Pour le meilleur ou pour le pire, notre destin spirituel ne se joue nulle part ailleurs qu’en nous-même. Il ne se joue pas dans l’appartenance à une caste, un peuple, une secte, une chapelle ou une Église. Nous ne pouvons pas nous en démettre sur quelqu’un d’autre. Il se joue en chacun de nous. Hors de soi, point de salut ! Tout au plus pouvons-nous trouver des amis ou des précurseurs qui, en éclaireurs, nous font part de leur expérience. A nous d’en tirer parti, avec discernement.

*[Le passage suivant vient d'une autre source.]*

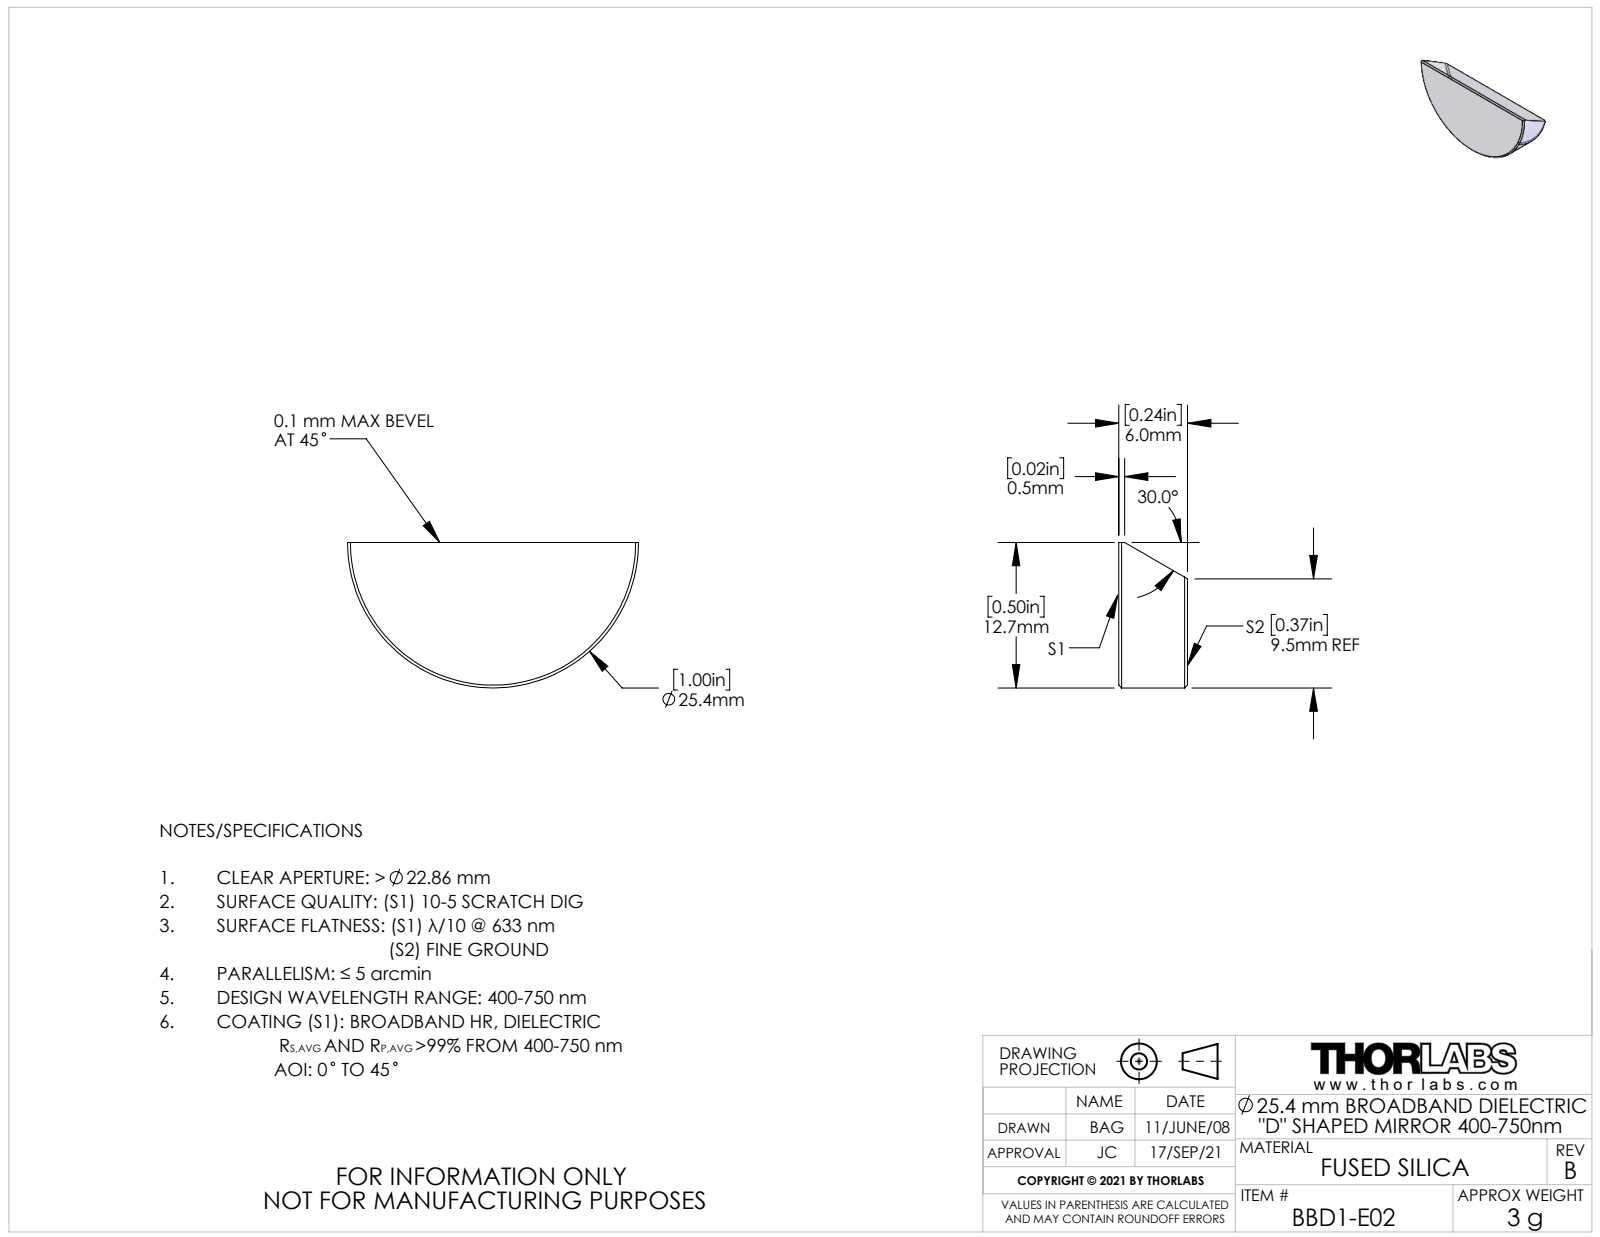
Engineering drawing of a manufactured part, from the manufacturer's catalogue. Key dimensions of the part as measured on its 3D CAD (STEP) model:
Part name (STEP PRODUCT): 18304-E0W
STEP written by: SolidWorks 2007 (AUTOMOTIVE_DESIGN)
Units: inches
Bodies: 1 solid, 8 faces (5 planar, 1 cylindrical, 2 other)
Overall size (bounding box): 1 × 0.5 × 0.236
Volume: 0.079 in³ · Surface area: 1.255 in²
Partial cylindrical surfaces — rounded edges, fillets, slot ends (radius × count): R0.5 ×1
Main face-to-face distances: 0.236

Dans "l’Évangile selon Mathieu", Jésus ne dit pas autre chose : Pour vous, ne vous faites pas appeler Rabbi car vous n’avez qu ’un Maître et tous vous êtes les frères. N’appelez personne votre Père sur la terre car vous n’en avez qu’un, le Père céleste. Ne vous faites pas non plus appeler Docteur : car vous n’avez qu’un Docteur : le Christ (Mt. 23,8-10).

Le véritable guide n’est pas à rechercher parmi les hommes. Il est au plus profond de chacun d’entre nous. Comme nous le rappellent les Upanishads : Tat Twam asi : Tu es cela...

Pour prier ou méditer, je puis me sentir mieux dans un lieu donné parce qu’il est plus chargé d’histoire et qu’il est alors un puissant stimulant pour ma mémoire. Je puis aussi me sentir mieux dans certains lieux dont on m’affirme, mais je n’ai aucun moyen de le vérifier, qu’ils sont chargés de vibrations telluriques. Mais Dieu, lui, est présent en tous lieux. Aujourd’hui, comme il y a deux mille ans, comme dans cent mille ans.

Crois-moi, femme, l’heure vient

où ce n’est ni sur cette montagne ni à Jérusalem

que vous adorerez le Père.

Dieu est esprit et ceux qui adorent,

c’est en esprit et vérité qu’il doivent adorer. ( Jn 4, 21 et 24)

Retraverser la mer rouge

Personne n’a le droit de s’approprier Dieu sans risquer le plus grave des dénis de justice. Dieu n’appartient à personne en particulier et n’a passé de contrat d’exclusivité avec aucune agence de communication.

Il est présent en tous et potentiellement accessible à tous. Il est le dedans de nous et nous n’avons aucune raison de laisser une religion, quelle qu’elle soit, nous en spolier au profit de son institution et de son système. Dieu est le fondement de notre liberté, non de notre aliénation. Au cours de ce voyage à Jérusalem, l’urgence m’apparut, impérative, de retraverser la Mer rouge. Retraverser la Mer rouge, c’est cesser de considérer que notre histoire commence avec Moïse et se décline nécessairement en judaïsme, christianisme, Islam ou, par défaut, athéisme.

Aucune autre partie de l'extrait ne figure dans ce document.